Karl Buchholz (Hans Caninenberg) leitet in den 1880er Jahren in Berlin einen erfolgreichen Stoffgroßhandel. Sein Schwager Fritz Köper (Harald Juhnke), Bruder seiner Gattin Wilhelmine (Eva Kotthaus), ist Teilhaber im Unternehmen und für den Außendienst zuständig. Die Buchholzens haben zwei volljährige Töchter, Betti (Giulia Follina) und Emmi (Lisi Mangold). Für beide wird bereits eifrig nach einer lohnenden Partie gesucht, aber natürlich soll Betti, die ältere der beiden, zuerst heiraten, wie es nun mal so Sitte ist. Bettis Herz schlägt für Erich Bergfeld (Bruno Dietrich). Doch das Verhältnis der Buchholzens zu Christoph (Erich Schellow) und Lotte Bergfeld (Eva-Maria Meineke), Erichs Eltern, ist von ständigen Hochs und Tiefs geprägt.
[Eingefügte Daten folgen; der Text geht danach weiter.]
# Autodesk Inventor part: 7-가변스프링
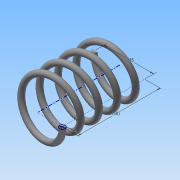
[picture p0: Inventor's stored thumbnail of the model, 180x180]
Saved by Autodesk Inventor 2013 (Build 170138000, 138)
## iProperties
Created: 2015-03
Part Number: 7-가변스프링
Material: 강철, 탄소
Document SubType Name: Modeling
Designer: Administrator
Density: 7.87 g/cm^3
Mass: 48.2733 g
Surface Area: 62.0009 cm^2
Volume: 6.13384 cm^3
Author: Administrator
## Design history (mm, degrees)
sketch "스케치1"
  geometry: L1 (0, 0)-(17.5, 0); L2 (17.5, 0)-(17.5, 43.5); L3 (17.5, 43.5)-(0, 43.5); L4 (0, 43.5)-(0, 0); C1 r 2 at (17.5, 0)
  constraints: 8 end point, 2 parallel, 1 centre point, 1 coincident, 1 horizontal, 1 perpendicular
  dimensions: "d0" = 4 diameter of C1; "d2" = 43.5 distance of L1.end L2.end (derived); "d3" = 35 diameter of L2 L4
feature "코일1" sketch "스케치1" pitch "d4" = 10; turns "d6" = 4.5; dims "d5" = 43.5 (= d2), "d7" = 0, angle "d8" = 90 deg, angle "d9" = 90 deg, "d10" = 0, "d11" = 0
sketch "스케치2"
  geometry: L1 (-19.5, 0)-(-15.5, 0) reference; 1 further point
  constraints: 1 horizontal alignment
extrude "돌출1" cut sketch "스케치2" stored distance "d12" = 10; taper "d13" = 0 deg
node "작업 평면1"
sketch "스케치3"
  geometry: L1 (-19.5, 0)-(-15.5, 0) reference; 1 further point
  constraints: 1 horizontal alignment
extrude "돌출2" cut sketch "스케치3" stored distance "d15" = 10; taper "d16" = 0 deg
node "솔리드1"
node "절단 모서리 투영1"
node "절단 모서리 투영2"
other parameters: "d14" = -43.5 (= -d2)
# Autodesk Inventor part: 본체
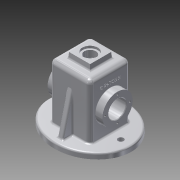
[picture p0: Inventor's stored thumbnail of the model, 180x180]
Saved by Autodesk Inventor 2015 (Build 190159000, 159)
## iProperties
Created: 2017-07
Part Number: 본체
Material: 알루미늄 6061
Document SubType Name: Modeling
Designer: Administrator
Density: 2.7 g/cm^3
Appearance: 알루미늄 - 평지
Mass: 889.522 g
Surface Area: 988.916 cm^2
Volume: 329.453 cm^3
Author: Administrator
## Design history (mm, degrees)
sketch "스케치1" dims "d0" = 75, "d1" = 65
  geometry: L1 (0, 0)-(101.209, 0); L2 (0, 0)-(0, 77.977); 1 further point; 1 other entity
  constraints: 4 end point, 1 coincident, 1 horizontal, 1 vertical, 2 other
extrude "돌출1" new body sketch "스케치1" distance "d2" = 10; taper "d3" = 0 deg
sketch "스케치2"
  geometry: L1 (0, 0)-(71.656, 0); L2 (0, 0)-(0, 41.948); 2 further points
  constraints: 4 end point, 1 horizontal, 1 point on line, 1 symmetric about line, 1 vertical
  dimensions: "d4" = 56 distance of point (56, 0) L1.start
hole "구멍1" sketch "스케치2" at (56, 0), (-56, 0) diameter "d5" = 10; stored, may be unused: countersink angle "d9" = 90 deg, drill point angle "d11" = 118 deg; dims "d6" = 6, "d7" = 4, "d8" = 2, "d10" = 8
sketch "스케치3"
  geometry: L1 (-37, 37)-(37, 37); L2 (37, 37)-(37, -37); L3 (37, -37)-(-37, -37); L4 (-37, -37)-(-37, 37); L5 (-37, 37)-(37, -37); 2 further points
  constraints: 10 end point, 2 parallel, 1 coincident, 1 horizontal, 1 midpoint, 1 perpendicular
  dimensions: "d12" = 74 distance of L3.end L1.start; "d13" = 74 distance of L1.start L1.end
extrude "돌출2" join sketch "스케치3" distance "d14" = 100; taper "d15" = 0 deg
sketch "스케치4"
  geometry: L1 (37, 37)-(-37, 37) reference; L2 (-37, 37)-(-37, -37) reference; L3 (-37, -37)-(37, -37) reference; L4 (37, -37)-(37, 37) reference; L5 (-20, 20)-(20, 20); L6 (20, 20)-(20, -20); L7 (20, -20)-(-20, -20); L8 (-20, -20)-(-20, 20); L9 (-20, 20)-(20, -20); 2 further points
  constraints: 10 end point, 2 parallel, 1 coincident, 1 horizontal, 1 midpoint, 1 perpendicular
  dimensions: "d16" = 40 distance of L6.end L7.end; "d17" = 40 distance of L7.end L5.start
extrude "돌출3" join sketch "스케치4" distance "d18" = 10; taper "d19" = -5 deg
sketch "스케치5"
  geometry: L1 (-32, 32)-(32, 32); L2 (32, 32)-(32, -32); L3 (32, -32)-(-32, -32); L4 (-32, -32)-(-32, 32); L5 (-32, 32)-(32, -32); 2 further points
  constraints: 10 end point, 2 parallel, 1 coincident, 1 horizontal, 1 midpoint, 1 perpendicular
  dimensions: "d20" = 64 distance of L2.end L3.end; "d21" = 64 distance of L3.end L1.start
extrude "돌출4" cut sketch "스케치5" distance "d22" = 105; taper "d23" = 0 deg
sketch "스케치6"
  geometry: 2 further points
  constraints: 1 coincident
hole "구멍2" sketch "스케치6" at (0, 0) diameter "d24" = 21; stored, may be unused: countersink angle "d28" = 90 deg, drill point angle "d30" = 118 deg; dims "d25" = 6, "d26" = 28, "d27" = 4, "d29" = 8
sketch "스케치7"
  geometry: L1 (81.593, 55)-(-81.593, 55); L2 (50, 55)-(50, 82.5); L3 (50, 82.5)-(32, 82.5); L4 (32, 0)-(32, 105) reference; L5 (32, 82.5)-(25, 75.5); L6 (25, 75.5)-(25, 55); L7 (-50, 55)-(-50, 82.5); L8 (-50, 82.5)-(-32, 82.5); L9 (-32, 0)-(-32, 105) reference; L10 (-32, 82.5)-(-25, 75.5); L11 (-25, 75.5)-(-25, 55); L12 (0, 0)-(0, 80.891); L13 (-37, 10)-(-37, 110) reference; 1 further point
  constraints: 20 end point, 7 point on line, 3 perpendicular, 3 vertical, 2 horizontal, 1 midpoint
  dimensions: "d31" = 55 distance from line of L12.start L1; "d32" = 55 diameter of L3 L1; "d33" = 135 deg angle of L4 L5; "d34" = 55 diameter of L8 L1; "d35" = 135 deg angle of L9 L10; "d36" = 7 distance between parallel lines of L6 L4; "d37" = 7 distance between parallel lines of L9 L11; "d38" = 100 distance between parallel lines of L7 L2; "d39" = 13 distance between parallel lines of L7 L13
revolve "회전1" sketch "스케치7" stored, may be unused: angle "d40" = 90 deg
sketch "스케치8"
  geometry: C1 r 27.5 at (0, 0) reference; C2 r 16 at (0, 0); 1 further point
  constraints: 1 centre point, 1 coincident
  dimensions: "d41" = 32 diameter of C2
extrude "돌출5" cut sketch "스케치8" stored distance "d42" = 105; taper "d43" = 0 deg
sketch "스케치9"
  geometry: L1 (0, 0)-(48.104, 0); C1 r 27.5 at (0, 0) reference; 5 further points
  constraints: 2 end point, 1 horizontal, 1 point on line, 5 other
  dimensions: "d44" = 22.5 distance of point (22.5, 0) L1.start; "d47" = 360 deg dimension on L1.start point (22.5, 0) (derived)
hole "구멍3" sketch "스케치9" at (22.5, 0), (0, 22.5), (-22.5, 0), (0, -22.5) diameter "d49" = 3.242; stored, may be unused: countersink angle "d53" = 90 deg, drill point angle "d55" = 118 deg; dims "d50" = 8, "d51" = 28, "d52" = 4, "d54" = 10
sketch "스케치10"
  geometry: L1 (0, 0)-(-39.346, 0); L2 (0, 0)-(0, -39.346); L3 (0, 0)-(39.346, 0); L4 (0, 0)-(0, 39.346); C1 r 27.5 at (0, 0) reference; 5 further points
  constraints: 8 end point, 4 point on line, 2 coincident, 1 horizontal, 15 other
  dimensions: "d56" = 22.5 distance of L1.start point (-22.5, 0); "d59" = 360 deg dimension on L1.start L1.end (derived)
hole "구멍4" sketch "스케치10" at (-22.5, 0), (0, -22.5), (22.5, 0), (0, 22.5) diameter "d61" = 3.242; stored, may be unused: countersink angle "d65" = 90 deg, drill point angle "d67" = 118 deg; dims "d62" = 8, "d63" = 28, "d64" = 4, "d66" = 10
sketch "스케치11"
  geometry: L1 (65, 10)-(-65, 10) reference; L2 (-37, 10)-(-37, 110) reference; L3 (-55, 10)-(-37, 82.194); L4 (0, 0)-(0, 54.955); L5 (55, 10)-(37, 82.194)
  constraints: 6 end point, 2 point on line, 2 symmetric about line, 1 vertical
  dimensions: "d68" = 10 distance of L1.end L3.start; "d70" = 14 deg angle of L2 L3
feature "리브1" dims "d71" = 1, "d72" = 10, "d73" = 0, "d74" = 0, "d75" = 1, "d76" = 1
feature "리브2" dims "d77" = 1, "d78" = 10, "d79" = 0, "d80" = 0, "d81" = 1, "d82" = 1
fillet "모깎기1" dims "d83" = 3
fillet "모깎기2" dims "d84" = 0.5
fillet "모깎기3" dims "d85" = 0.5
fillet "모깎기4" dims "d86" = 3
fillet "모깎기5" dims "d87" = 8
fillet "모깎기6" dims "d88" = 8
fillet "모깎기9" dims "d91" = 3
chamfer "모따기1" distance "d92" = 1; stored, may be unused: second distance "d93" = 2, angle "d94" = 45 deg
fillet "모깎기10" dims "d95" = 3
fillet "모깎기11" dims "d96" = 3
node "작업 평면1"
sketch "스케치12"
  geometry: L1 (9.186, 9.113)-(9.186, 48.887); L2 (9.186, 48.887)-(14.814, 48.887); L3 (14.814, 48.887)-(14.814, 9.113); L4 (14.814, 9.113)-(9.186, 9.113); L5 (12, 9.113)-(12, 48.887); L6 (-18, 48.125)-(-18, 9.875) reference; L7 (14.814, 29)-(9.186, 29); L8 (89, 66)-(0, 66) reference; 1 further point
  constraints: 4 end point, 4 midpoint, 2 other
  dimensions: "d98" = 30 distance between parallel lines of L6 L5; "d99" = 37 distance between parallel lines of L8 L7
feature "엠보싱1" sketch "스케치12" dims "d0" = 75, "d1" = 65, "d100" = 1, "d101" = 0
node "솔리드1"
node "투영된 루프1"
other parameters: "d97" = 1
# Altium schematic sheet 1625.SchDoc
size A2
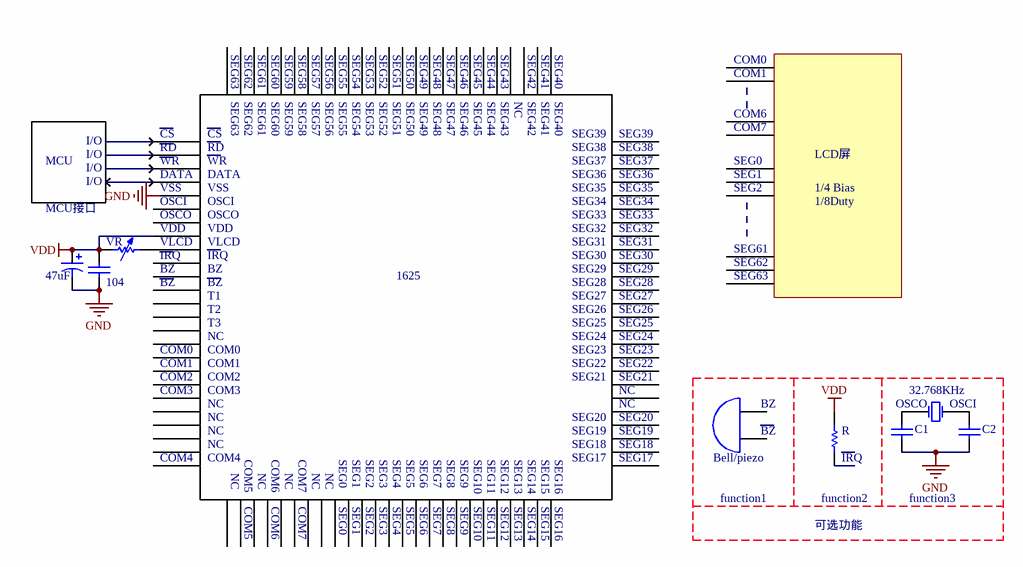
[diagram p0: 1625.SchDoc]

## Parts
(Parts that share a designator on the sheet are numbered #1, #2 ... from top to bottom, then left to right.)
C1  Cap  [RAD-0.3]  (value not drawn)
C2  Cap  [RAD-0.3]  (value not drawn)
C?#1  value 47uF  [RB7.6-15]  (hidden comment: Cap Pol1)
C?#2  value 104  [RAD-0.3]  (hidden comment: Cap)
LS?  Bell/piezo  [PIN2]
R  Res1  [AXIAL-0.3]  (value not drawn)
VR  Res Adj1  [AXIAL-0.7]  (value not drawn)
Y?  32.768KHz  [R38]

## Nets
GND: C1.1 C2.2 C?#1.2 C?#2.1
VDD: C?#1.1 C?#2.2 R.1 VR.1
NetC1_2: C1.2 Y?.1(OSC1)
NetC2_1: C2.1 Y?.2(OSC2)

Not connected (* = marked no-connect by the designer): LS? 1(A) 2(B); R 2; VR 2

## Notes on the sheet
- SEG63
- SEG62
- SEG61
- SEG60
- SEG59
- SEG58
- SEG57
- SEG56
- SEG55
- SEG54
- SEG53
- SEG52
- SEG51
- SEG50
- SEG49
- SEG48
- SEG47
- SEG46
- SEG45
- SEG44
- SEG43
- NC
- SEG42
- SEG41
- SEG40
- COM0
- COM1
- MCU
- I/O
- RD
- WR
- CS
- SEG38
- SEG39
- SEG37
- COM6
- COM7
- SEG0
- LCD屏
- MCU接口
- DATA
- VSS
- (near VR) VDD
- (near VR) OSCI
- (near VR) OSCO
- VDD
- OSCI
- OSCO
- SEG33
- SEG32
- SEG34
- SEG35
- SEG36
- SEG2
- SEG1
- 1/4 Bias
- 1/8Duty
- (near VR) VLCD
- (near VR) IRQ
- (near VR) BZ
- VLCD
- IRQ
- BZ
- T1
- 1625
- SEG30
- SEG28
- SEG27
- SEG31
- SEG29
- T2
- T3
- SEG26
- SEG25
- SEG23
- SEG24
- SEG22
- COM2
- COM3
- SEG21
- SEG19
- SEG20
- (near LS?) BZ
- COM4
- COM5
- SEG3
- SEG4
- SEG5
- SEG6
- SEG7
- SEG8
- SEG9
- SEG10
- SEG11
- SEG12
- SEG13
- SEG14
- SEG15
- SEG16
- SEG18
- SEG17
- function1
- function2
- (near R) IRQ
- function3
- 可选功能
- Labels drawn without touching a wire or pin: GND

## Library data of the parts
C1 C2 = Cap: Capacitor; Value: 104
C?#1 = Cap Pol1: Polarized Capacitor (Radial)
C?#2 = Cap: Capacitor
LS? = Bell: Electrical Bell
R = Res1: Resistor; Value: 1K
VR = Res Adj1: Variable Resistor; Value: 1K; Set Position: 0.5
Y? = XTAL: Crystal Oscillator

Bei gemeinsamen Zusammenkünften gibt es immer wieder Grund für Unmut auf einer der beiden Seiten, auch wenn sich die Familienoberhäupter kurz danach gerne wieder bei einer gemeinsamen Skatpartie versöhnen. Zur munteren Runde im Café von Gustav Helbich (Gerd Frickhöffer) gehört auch Siegfried Krause (Henning Schlüter), dessen sechzehnjähriger Spross Eduard (Santiago Ziesmer) ebenfalls wiederholt zum Unruhestifter zwischen den Familien wird. Auch Emmi Buchholz würde sich freuen, wenn ein Mann um sie freien würde. Vielleicht ist ja Dr. Lothar Wrenzchen (Gerd Baltus) der richtige Mann für sie, ein Berliner Arzt, der unter dem berühmten Prof. Rudolf Virchow (Kurt Buecheler) studiert hat?
Die im deutschen Kaiserreich angesiedelte Familiengeschichte beruht natürlich auf etlichen überholten und angestaubten Vorstellungen und Umgangsformen, was aber bereits vor knapp 50 Jahren der Fall war, als man die Serie zur Hauptsendezeit ausstrahlte. Genau aus diesen sozialen, moralischen und technischen Veränderungen bezieht „Die Buchholzens“ nämlich ihren Reiz. Zum einen wird der Zuschauer Zeuge, wie die Klassengesellschaft das soziale Miteinander dominiert, zum anderen werden die Umstellung von der Pferde-Eisenbahn zur ersten elektrisch angetriebenen Straßenbahn oder die Installation der ersten Telefonanschlüsse in der Privatwohnung en passant thematisiert und tragen somit in den Details zur Atmosphäre der Geschichten bei. Die dramatischen Verwicklungen wirken in heutiger Zeit mitunter reichlich antiquiert, da sie aber stets mit einer ironischen Note und von einer exzellenten Darstellerriege dargeboten werden, konnte der Unterhaltungswert gut erhalten werden. Die technische Umsetzung der Box, die aus zwei DVDs besteht, ist hingegen eher mau. Das Bild (im Vollbildformat 1,33:1) ist sehr grobkörnig ausgefallen, die Farben wirken dabei größtenteils verblasst. Der Ton (Deutsch in Dolby Digital 2.0) ist hingegen immer gut zu verstehen, Extras sind keine mit aufgespielt.